The radioactive waste of Oklo was held under its granite, sandstone stomach immersed in clays surrounding the reactor’s areas resulting in no cross-contamination of non-reactor contained water supplies. By analysing the remnants of these nuclear reactors and understanding how underground rock formations contain the waste, the scientists studying Oklo can apply their findings to containing nuclear waste today. But why stop at nuclear waste, with such as large self-contained geologically hardened area, the waste deposit could be harnessed for plastics, preventing microplastics causing liver and gastric cancers and even for toxic electrical waste preventing the oesophageal cancers and child deformations found near Olusosun waste deposit where much electrical waste had been left.

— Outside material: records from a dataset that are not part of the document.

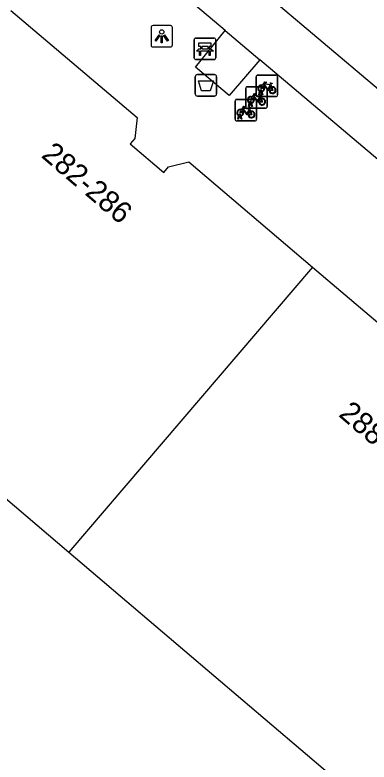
# Model space of a CAD drawing. Extents: x 162347 to 162868, y 381221 to 381813.
# Drawn here: x 162737.04 to 162753.52, y 381577.53 to 381612.3 of the extents above; entities that cross this region are included whole.
import ezdxf

# ---------------------------------------------------------------- set-up
doc = ezdxf.new("R2010")
doc.units = 0
for name, color, linetype in [('IMGEO_Afvalbak', 7, 'Continuous'), ('IMGEO_Bank', 7, 'Continuous'), ('IMGEO_Fietsenrek', 7, 'Continuous'), ('IMGEO_Fietspad_gesloten', 7, 'Continuous'), ('IMGEO_Lichtpunt', 7, 'Continuous'), ('IMGEO_Pand', 7, 'Continuous'), ('IMGEO_Pand_nummerreeks', 7, 'Continuous'), ('IMGEO_Voetpad_open', 7, 'Continuous')]:
    doc.layers.add(name, color=color, linetype=linetype)

msp = doc.modelspace()

# ---------------------------------------------------------------- linework, layer by layer
at = {"layer": 'IMGEO_Afvalbak'}
for p, q in [((162745.432, 381608.623), (162745.432, 381609.423)), ((162745.432, 381609.423), (162745.432, 381608.623)), ((162745.532, 381609.523), (162746.322, 381609.523)), ((162746.322, 381609.523), (162745.532, 381609.523)), ((162746.422, 381609.423), (162746.422, 381608.623)), ((162746.422, 381608.623), (162746.422, 381609.423)), ((162746.322, 381608.523), (162745.532, 381608.523)), ((162745.532, 381608.523), (162746.322, 381608.523))]:
    msp.add_line(p, q, dxfattribs=at)
msp.add_lwpolyline([(162745.575, 381609.237), (162746.279, 381609.237), (162746.13, 381608.767), (162745.724, 381608.767), (162745.575, 381609.237)], dxfattribs=at)
for centre, start, end in [((162745.532, 381609.423), 90, 180), ((162745.532, 381609.423), 90, 180), ((162746.322, 381609.423), 0, 90), ((162746.322, 381609.423), 360, 90), ((162745.532, 381608.623), 180, 270), ((162745.532, 381608.623), 180, 270), ((162746.322, 381608.623), 270, 0), ((162746.322, 381608.623), 270, 0)]:
    msp.add_arc(centre, 0.1, start, end, dxfattribs=at)
at = {"layer": 'IMGEO_Bank'}
for p, q in [((162745.382, 381610.295), (162745.382, 381611.136)), ((162745.382, 381611.136), (162745.382, 381610.295)), ((162745.457, 381611.22), (162746.298, 381611.22)), ((162746.298, 381611.22), (162745.457, 381611.22)), ((162746.382, 381611.145), (162746.382, 381610.304)), ((162746.382, 381610.304), (162746.382, 381611.145)), ((162746.079, 381610.618), (162745.686, 381610.618)), ((162745.691, 381610.726), (162745.691, 381610.832)), ((162745.735, 381610.832), (162745.735, 381610.726)), ((162746.023, 381610.838), (162745.741, 381610.838)), ((162745.741, 381610.72), (162746.023, 381610.72)), ((162746.029, 381610.726), (162746.029, 381610.832)), ((162746.073, 381610.832), (162746.073, 381610.726)), ((162746.307, 381610.22), (162745.466, 381610.22)), ((162745.466, 381610.22), (162746.307, 381610.22))]:
    msp.add_line(p, q, dxfattribs=at)
for points in [[(162745.685, 381610.838), (162745.599, 381610.838), (162745.599, 381610.999), (162746.162, 381610.999), (162746.162, 381610.838), (162746.079, 381610.838)], [(162745.629, 381610.618), (162745.487, 381610.618), (162745.599, 381610.72), (162745.685, 381610.72)], [(162745.679, 381610.611), (162745.679, 381610.404), (162745.636, 381610.404), (162745.636, 381610.611)], [(162746.079, 381610.72), (162746.162, 381610.72), (162746.274, 381610.618), (162746.135, 381610.618)], [(162746.129, 381610.611), (162746.129, 381610.404), (162746.085, 381610.404), (162746.085, 381610.611)]]:
    msp.add_lwpolyline(points, dxfattribs=at)
for centre, radius, start, end in [((162745.46, 381611.142), 0.0779, 92.4484, 184.2845), ((162745.46, 381611.142), 0.0779, 92.4484, 184.2845), ((162746.304, 381611.142), 0.0779, 2.4484, 94.2845), ((162746.304, 381611.142), 0.0779, 2.4484, 94.2845), ((162745.629, 381610.611), 0.00671, 2.8957, 87.1043), ((162745.686, 381610.611), 0.00671, 92.8957, 177.1043), ((162745.684, 381610.831), 0.00671, 2.8957, 87.1043), ((162745.684, 381610.727), 0.00671, 272.8957, 357.1043), ((162745.741, 381610.831), 0.00671, 92.8957, 177.1043), ((162745.741, 381610.727), 0.00671, 182.8957, 267.1043), ((162746.023, 381610.831), 0.00671, 2.8957, 87.1043), ((162746.023, 381610.727), 0.00671, 272.8957, 357.1043), ((162746.08, 381610.831), 0.00671, 92.8957, 177.1043), ((162746.08, 381610.727), 0.00671, 182.8957, 267.1043), ((162746.078, 381610.611), 0.00671, 2.8957, 87.1043), ((162746.135, 381610.611), 0.00671, 92.8957, 177.1043), ((162745.46, 381610.298), 0.0779, 182.4484, 274.2845), ((162745.46, 381610.298), 0.0779, 182.4484, 274.2845), ((162746.304, 381610.298), 0.0779, 272.4484, 4.2845), ((162746.304, 381610.298), 0.0779, 272.4484, 4.2845)]:
    msp.add_arc(centre, radius, start, end, dxfattribs=at)
at = {"layer": 'IMGEO_Fietsenrek'}
for p, q in [((162748.261, 381608.573), (162748.261, 381609.414)), ((162748.261, 381609.414), (162748.261, 381608.573)), ((162748.336, 381609.498), (162749.177, 381609.498)), ((162749.177, 381609.498), (162748.336, 381609.498)), ((162749.261, 381609.423), (162749.261, 381608.582)), ((162749.261, 381608.582), (162749.261, 381609.423)), ((162747.778, 381608.036), (162747.778, 381608.877)), ((162747.778, 381608.877), (162747.778, 381608.036)), ((162747.853, 381608.961), (162748.694, 381608.961)), ((162748.694, 381608.961), (162747.853, 381608.961)), ((162748.778, 381608.886), (162748.778, 381608.045)), ((162748.778, 381608.045), (162748.778, 381608.886)), ((162748.948, 381609.047), (162748.984, 381608.952)), ((162749.186, 381608.498), (162748.345, 381608.498)), ((162748.345, 381608.498), (162749.186, 381608.498)), ((162748.388, 381608.582), (162748.427, 381608.742)), ((162748.422, 381608.582), (162748.388, 381608.582)), ((162748.457, 381608.73), (162748.422, 381608.582)), ((162748.465, 381608.51), (162748.501, 381608.415)), ((162748.499, 381608.754), (162748.498, 381608.758)), ((162748.54, 381608.582), (162748.506, 381608.724)), ((162748.53, 381608.765), (162748.531, 381608.758)), ((162748.538, 381608.728), (162748.573, 381608.582)), ((162748.573, 381608.582), (162748.54, 381608.582)), ((162747.283, 381607.442), (162747.283, 381608.283)), ((162747.283, 381608.283), (162747.283, 381607.442)), ((162747.358, 381608.367), (162748.199, 381608.367)), ((162748.199, 381608.367), (162747.358, 381608.367)), ((162747.905, 381608.045), (162747.944, 381608.205)), ((162747.974, 381608.193), (162747.939, 381608.045)), ((162748.016, 381608.217), (162748.015, 381608.221)), ((162748.057, 381608.045), (162748.023, 381608.187)), ((162748.047, 381608.228), (162748.048, 381608.221)), ((162748.055, 381608.191), (162748.09, 381608.045)), ((162748.283, 381608.292), (162748.283, 381607.451)), ((162748.283, 381607.451), (162748.283, 381608.292)), ((162748.703, 381607.961), (162747.862, 381607.961)), ((162747.862, 381607.961), (162748.703, 381607.961)), ((162747.939, 381608.045), (162747.905, 381608.045)), ((162747.97, 381607.916), (162748.006, 381607.821)), ((162748.09, 381608.045), (162748.057, 381608.045)), ((162747.41, 381607.451), (162747.449, 381607.611)), ((162747.444, 381607.451), (162747.41, 381607.451)), ((162747.479, 381607.599), (162747.444, 381607.451)), ((162747.521, 381607.623), (162747.52, 381607.627)), ((162747.562, 381607.451), (162747.528, 381607.593)), ((162747.552, 381607.634), (162747.553, 381607.627)), ((162747.56, 381607.597), (162747.595, 381607.451)), ((162747.595, 381607.451), (162747.562, 381607.451)), ((162748.208, 381607.367), (162747.367, 381607.367)), ((162747.367, 381607.367), (162748.208, 381607.367))]:
    msp.add_line(p, q, dxfattribs=at)
for points in [[(162748.595, 381608.972), (162748.543, 381608.882), (162748.503, 381608.857), (162748.504, 381608.904), (162748.559, 381608.998)], [(162748.574, 381609.024), (162748.669, 381609.188), (162748.755, 381609.174), (162748.757, 381609.165), (162748.701, 381609.154), (162748.674, 381609.109), (162748.93, 381609.068)], [(162748.87, 381608.78), (162748.82, 381608.78), (162748.629, 381609.031), (162748.61, 381608.999)], [(162748.917, 381609.043), (162748.66, 381609.084), (162748.643, 381609.055), (162748.81, 381608.835), (162748.917, 381609.043)], [(162748.965, 381608.945), (162748.935, 381609.022), (162748.826, 381608.804), (162748.869, 381608.804)], [(162748.899, 381608.804), (162749.019, 381608.803), (162748.975, 381608.917)], [(162748.995, 381608.924), (162749.05, 381608.779), (162748.9, 381608.779)], [(162748.93, 381609.068), (162748.955, 381609.117), (162748.949, 381609.121), (162748.926, 381609.125), (162748.914, 381609.132), (162748.913, 381609.135), (162748.915, 381609.14), (162749.01, 381609.125), (162749.012, 381609.115), (162749.002, 381609.102), (162748.99, 381609.096), (162748.976, 381609.102), (162748.948, 381609.047)], [(162748.091, 381608.487), (162748.186, 381608.651), (162748.272, 381608.637), (162748.274, 381608.628), (162748.218, 381608.617), (162748.191, 381608.572), (162748.447, 381608.531)], [(162748.387, 381608.243), (162748.337, 381608.243), (162748.146, 381608.494), (162748.127, 381608.462)], [(162748.434, 381608.506), (162748.177, 381608.547), (162748.16, 381608.518), (162748.327, 381608.298), (162748.434, 381608.506)], [(162748.447, 381608.531), (162748.472, 381608.58), (162748.466, 381608.584), (162748.443, 381608.588), (162748.431, 381608.595), (162748.43, 381608.598), (162748.432, 381608.603), (162748.527, 381608.588), (162748.529, 381608.578), (162748.519, 381608.565), (162748.507, 381608.559), (162748.493, 381608.565), (162748.465, 381608.51)], [(162748.112, 381608.435), (162748.06, 381608.345), (162748.02, 381608.32), (162748.021, 381608.367), (162748.076, 381608.461)], [(162748.482, 381608.408), (162748.452, 381608.485), (162748.343, 381608.267), (162748.386, 381608.267)], [(162748.416, 381608.267), (162748.536, 381608.266), (162748.492, 381608.38)], [(162748.512, 381608.387), (162748.567, 381608.242), (162748.417, 381608.242)], [(162747.617, 381607.841), (162747.565, 381607.751), (162747.525, 381607.726), (162747.526, 381607.773), (162747.581, 381607.867)], [(162747.596, 381607.893), (162747.691, 381608.057), (162747.777, 381608.043), (162747.779, 381608.034), (162747.723, 381608.023), (162747.696, 381607.978), (162747.952, 381607.937)], [(162747.892, 381607.649), (162747.842, 381607.649), (162747.651, 381607.9), (162747.632, 381607.868)], [(162747.939, 381607.912), (162747.682, 381607.953), (162747.665, 381607.924), (162747.832, 381607.704), (162747.939, 381607.912)], [(162747.987, 381607.814), (162747.957, 381607.891), (162747.848, 381607.673), (162747.891, 381607.673)], [(162747.952, 381607.937), (162747.977, 381607.986), (162747.971, 381607.99), (162747.948, 381607.994), (162747.936, 381608.001), (162747.935, 381608.004), (162747.937, 381608.009), (162748.032, 381607.994), (162748.034, 381607.984), (162748.024, 381607.971), (162748.012, 381607.965), (162747.998, 381607.971), (162747.97, 381607.916)], [(162747.921, 381607.673), (162748.041, 381607.672), (162747.997, 381607.786)], [(162748.017, 381607.793), (162748.072, 381607.648), (162747.922, 381607.648)]]:
    msp.add_lwpolyline(points, dxfattribs=at)
for centre, radius, start, end in [((162748.339, 381609.42), 0.0779, 92.4484, 184.2845), ((162748.339, 381609.42), 0.0779, 92.4484, 184.2845), ((162749.183, 381609.42), 0.0779, 2.4484, 94.2845), ((162749.183, 381609.42), 0.0779, 2.4484, 94.2845), ((162747.856, 381608.883), 0.0779, 92.4484, 184.2845), ((162747.856, 381608.883), 0.0779, 92.4484, 184.2845), ((162748.501, 381608.883), 0.159, 62.6766, 242.1369), ((162748.501, 381608.883), 0.129, 63.3192, 238.903), ((162748.501, 381608.883), 0.129, 283.6043, 43.4302), ((162748.501, 381608.883), 0.159, 283.5766, 46.6042), ((162748.7, 381608.883), 0.0779, 2.4484, 94.2845), ((162748.7, 381608.883), 0.0779, 2.4484, 94.2845), ((162749.028, 381608.799), 0.159, 113.3408, 178.3217), ((162749.028, 381608.799), 0.159, 187.0065, 105.7708), ((162749.028, 381608.799), 0.129, 113.923, 177.9556), ((162749.028, 381608.799), 0.129, 188.6715, 104.5883), ((162748.018, 381608.346), 0.159, 62.6766, 242.1369), ((162748.339, 381608.576), 0.0779, 182.4484, 274.2845), ((162748.339, 381608.576), 0.0779, 182.4484, 274.2845), ((162748.481, 381608.754), 0.0499, 12.8025, 158.6934), ((162748.501, 381608.883), 0.159, 253.9967, 271.7867), ((162748.481, 381608.754), 0.0174, 12.8025, 163.4502), ((162748.501, 381608.883), 0.129, 253.415, 269.0204), ((162749.183, 381608.576), 0.0779, 272.4484, 4.2845), ((162749.183, 381608.576), 0.0779, 272.4484, 4.2845), ((162747.361, 381608.289), 0.0779, 92.4484, 184.2845), ((162747.361, 381608.289), 0.0779, 92.4484, 184.2845), ((162748.018, 381608.346), 0.129, 63.3192, 238.903), ((162747.998, 381608.217), 0.0499, 12.8025, 158.6934), ((162748.018, 381608.346), 0.159, 253.9967, 271.7867), ((162747.998, 381608.217), 0.0174, 12.8025, 163.4502), ((162748.018, 381608.346), 0.129, 253.415, 269.0204), ((162748.018, 381608.346), 0.129, 283.6043, 43.4302), ((162748.018, 381608.346), 0.159, 283.5766, 46.6042), ((162748.205, 381608.289), 0.0779, 2.4484, 94.2845), ((162748.205, 381608.289), 0.0779, 2.4484, 94.2845), ((162748.545, 381608.262), 0.159, 113.3408, 178.3217), ((162748.545, 381608.262), 0.159, 187.0065, 105.7708), ((162748.545, 381608.262), 0.129, 113.923, 177.9556), ((162748.545, 381608.262), 0.129, 188.6715, 104.5883), ((162747.523, 381607.752), 0.159, 62.6766, 242.1369), ((162747.523, 381607.752), 0.129, 63.3192, 238.903), ((162747.523, 381607.752), 0.129, 283.6043, 43.4302), ((162747.523, 381607.752), 0.159, 283.5766, 46.6042), ((162747.856, 381608.039), 0.0779, 182.4484, 274.2845), ((162747.856, 381608.039), 0.0779, 182.4484, 274.2845), ((162748.05, 381607.668), 0.159, 113.3408, 178.3217), ((162748.05, 381607.668), 0.159, 187.0065, 105.7708), ((162748.7, 381608.039), 0.0779, 272.4484, 4.2845), ((162748.7, 381608.039), 0.0779, 272.4484, 4.2845), ((162747.503, 381607.623), 0.0499, 12.8025, 158.6934), ((162747.523, 381607.752), 0.159, 253.9967, 271.7867), ((162747.503, 381607.623), 0.0174, 12.8025, 163.4502), ((162747.523, 381607.752), 0.129, 253.415, 269.0204), ((162748.05, 381607.668), 0.129, 113.923, 177.9556), ((162748.05, 381607.668), 0.129, 188.6715, 104.5883), ((162748.205, 381607.445), 0.0779, 272.4484, 4.2845), ((162748.205, 381607.445), 0.0779, 272.4484, 4.2845), ((162747.361, 381607.445), 0.0779, 182.4484, 274.2845), ((162747.361, 381607.445), 0.0779, 182.4484, 274.2845)]:
    msp.add_arc(centre, radius, start, end, dxfattribs=at)
at = {"layer": 'IMGEO_Fietspad_gesloten'}
for points in [[(162746.831, 381611.57), (162743.076, 381614.743), (162734.239, 381622.209)], [(162743.753, 381617.476), (162759.809, 381603.905)], [(162746.831, 381611.57), (162748.438, 381610.212)], [(162761.023, 381599.578), (162748.438, 381610.212)]]:
    msp.add_lwpolyline(points, dxfattribs=at)
at = {"layer": 'IMGEO_Lichtpunt'}
for p, q in [((162743.372, 381611.712), (162743.372, 381610.905)), ((162743.372, 381611.712), (162743.372, 381610.905)), ((162744.274, 381611.807), (162743.466, 381611.807)), ((162744.274, 381611.807), (162743.466, 381611.807)), ((162744.368, 381610.905), (162744.368, 381611.712)), ((162744.368, 381610.905), (162744.368, 381611.712)), ((162743.466, 381610.811), (162744.274, 381610.811)), ((162743.466, 381610.811), (162744.274, 381610.811))]:
    msp.add_line(p, q, dxfattribs=at)
for points in [[(162743.746, 381611.376), (162743.785, 381611.348), (162743.597, 381611.086), (162743.559, 381611.113), (162743.746, 381611.376)], [(162743.848, 381611.328), (162743.895, 381611.328), (162743.895, 381611.006), (162743.848, 381611.006), (162743.848, 381611.328)], [(162743.958, 381611.348), (162743.996, 381611.375), (162744.183, 381611.113), (162744.144, 381611.085), (162743.958, 381611.348)]]:
    msp.add_lwpolyline(points, dxfattribs=at)
msp.add_circle((162743.871, 381611.51), 0.0994, dxfattribs=at)
for centre, start, end in [((162743.466, 381611.712), 90, 180), ((162743.466, 381611.712), 90, 180), ((162744.274, 381611.712), 0, 90), ((162744.274, 381611.712), 0, 90), ((162743.466, 381610.905), 180, 270), ((162743.466, 381610.905), 180, 270), ((162744.274, 381610.905), 270, 0), ((162744.274, 381610.905), 270, 360)]:
    msp.add_arc(centre, 0.0946, start, end, dxfattribs=at)
at = {"layer": 'IMGEO_Pand'}
for points in [[(162736.849, 381612.501), (162742.724, 381607.528), (162742.611, 381606.552), (162742.402, 381606.301), (162743.961, 381604.974), (162744.187, 381605.228), (162745.129, 381605.46), (162750.894, 381600.568)], [(162750.894, 381600.568), (162739.55, 381587.303)], [(162750.894, 381600.568), (162756.886, 381595.484), (162756.796, 381594.476), (162756.596, 381594.242), (162758.154, 381592.91), (162758.354, 381593.144), (162759.394, 381593.402), (162763.364, 381589.986)], [(162725.513, 381599.243), (162739.55, 381587.303)], [(162739.55, 381587.303), (162753.048, 381575.822)]]:
    msp.add_lwpolyline(points, dxfattribs=at)
at = {"layer": 'IMGEO_Voetpad_open'}
msp.add_lwpolyline([(162748.438, 381610.212), (162747.008, 381608.551), (162745.443, 381609.87), (162746.831, 381611.57)], dxfattribs=at)

# ---------------------------------------------------------------- texts
at = {"layer": 'IMGEO_Pand_nummerreeks'}
for s, rotation, p in [('282-286', 319.469, (162738.219, 381605.71)), ('288-292', 319.4518, (162752.061, 381593.658))]:
    msp.add_text(s, height=1, rotation=rotation, dxfattribs=at).set_placement(p)

doc.saveas('drawing.dxf')

This nuclear core begs the respect that heaven and earth had to be moved 2 billion years ago just to form the right sedimentary and metamorphic processes for a natural nuclear reactor to form. Today, we can spend 2 billion dollars to build one ourselves, with the side effect being occasional nuclear accidents. What can we learn from our geomorphological processes to regulate our energy production, to make our nuclear reactors safer and less prone to cyclic irregularities? Perhaps this is down to the enormity of energy demands, but shouldn’t we be working to leave nuclear power plants at consistent productivity to manage the safety of our environment and people rather than fluctuating its outputs.
Our Oklo nuclear cores draw closer and closer attention to what ‘green’ self-made energies can be harnessed without the need for jeopardization, coercion, or economic disruption. Should the UN be focusing more on scientific investigations into energy production beneath our feet rather than acrylic dollars and silicone aid to make our world go round?